# Documentation

## Baseline solution

As a baseline solution, we trained a feedforward neural network on a sample of 5000 training examples selected uniformly at random. The neural network uses all 55 noisy light curves to predict the 55 relative radii directly. It does not use the stellar parameters, nor does it predict intermediate targets (inclination or semi-major axis) to do so.

## Data Preprocessing

The noisy light curves have undergone the following preprocessing steps:

i) Each lightcurve was smoothed using a moving median of window 3 (i.e. each value replaced by the median of itself and its two adjecent values). This was done to reduce outliers.

ii) Any value (relative flux) in any light curve that was above 1 was clipped to 1. This was done because the maximal relative flux during transit is 1.

iii) All values were normalized for the transit depths to lay roughly within the range [0,1]. The normalization was carried out per wavelength and was performed as follows:

First we computed the average transit depths per wavelength from the target values $\bar{\kappa}_{\lambda}=\frac{R_p^2}{R_s^2}$ on a sample of 10000 random training examples. For every wavelength $\lambda$, we then applied the transformation $x \leftarrow (x - (1-2\bar{\kappa}_{\lambda})) / 2\bar{\kappa}_{\lambda}$.

This was done to have the maximal relative flux values at exactly 1 and the transit depths around 0.

## Model & training hyperparaneters

We used a fully connected feedforward neural network of 5 2D-hidden layers, all of which consisted of 1024 units $\times$ 55 channels. After these, we added a flattening layer followed by a linear layer of 55 outputs. All activation functions were rectified linear units (relu). No batch normalization, regularization or dropout was applied.

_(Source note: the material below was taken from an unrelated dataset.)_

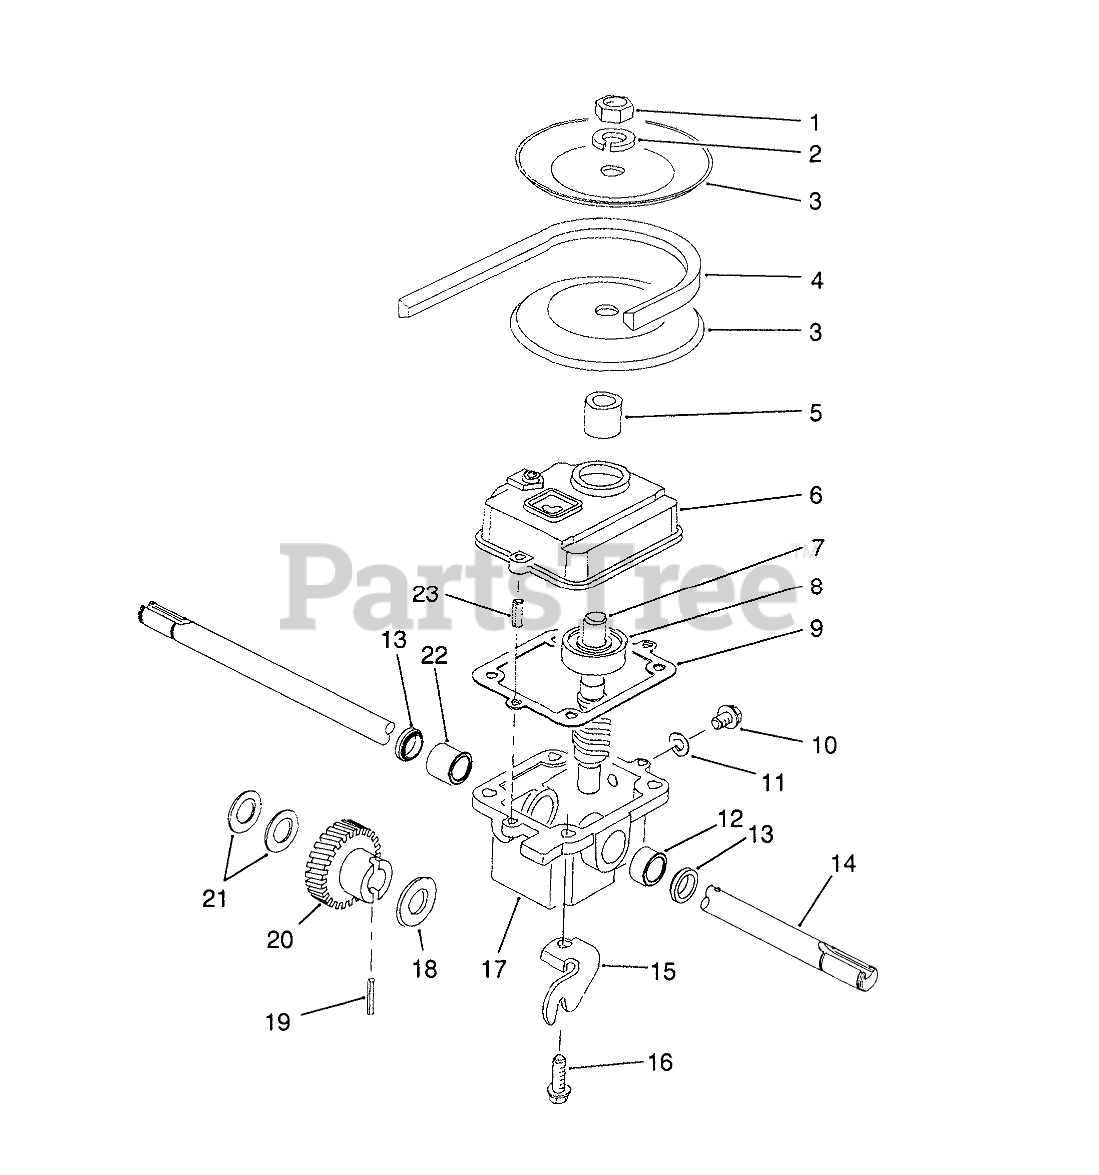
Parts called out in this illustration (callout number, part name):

The 5000 observations used were split into 4020 training and 980 validation examples in such a way that the two sets contained no planets in common. The model was trained by minimizing the average MSE across all wavelengths using the ADAM optimizer with a learning rate of $10^{-4}$ decaying with a rate of 0.01 and a batch size of 128. All remaining hyperparameters were set to default Keras values. The model was trained for a maximum number of 5 epochs without early stopping.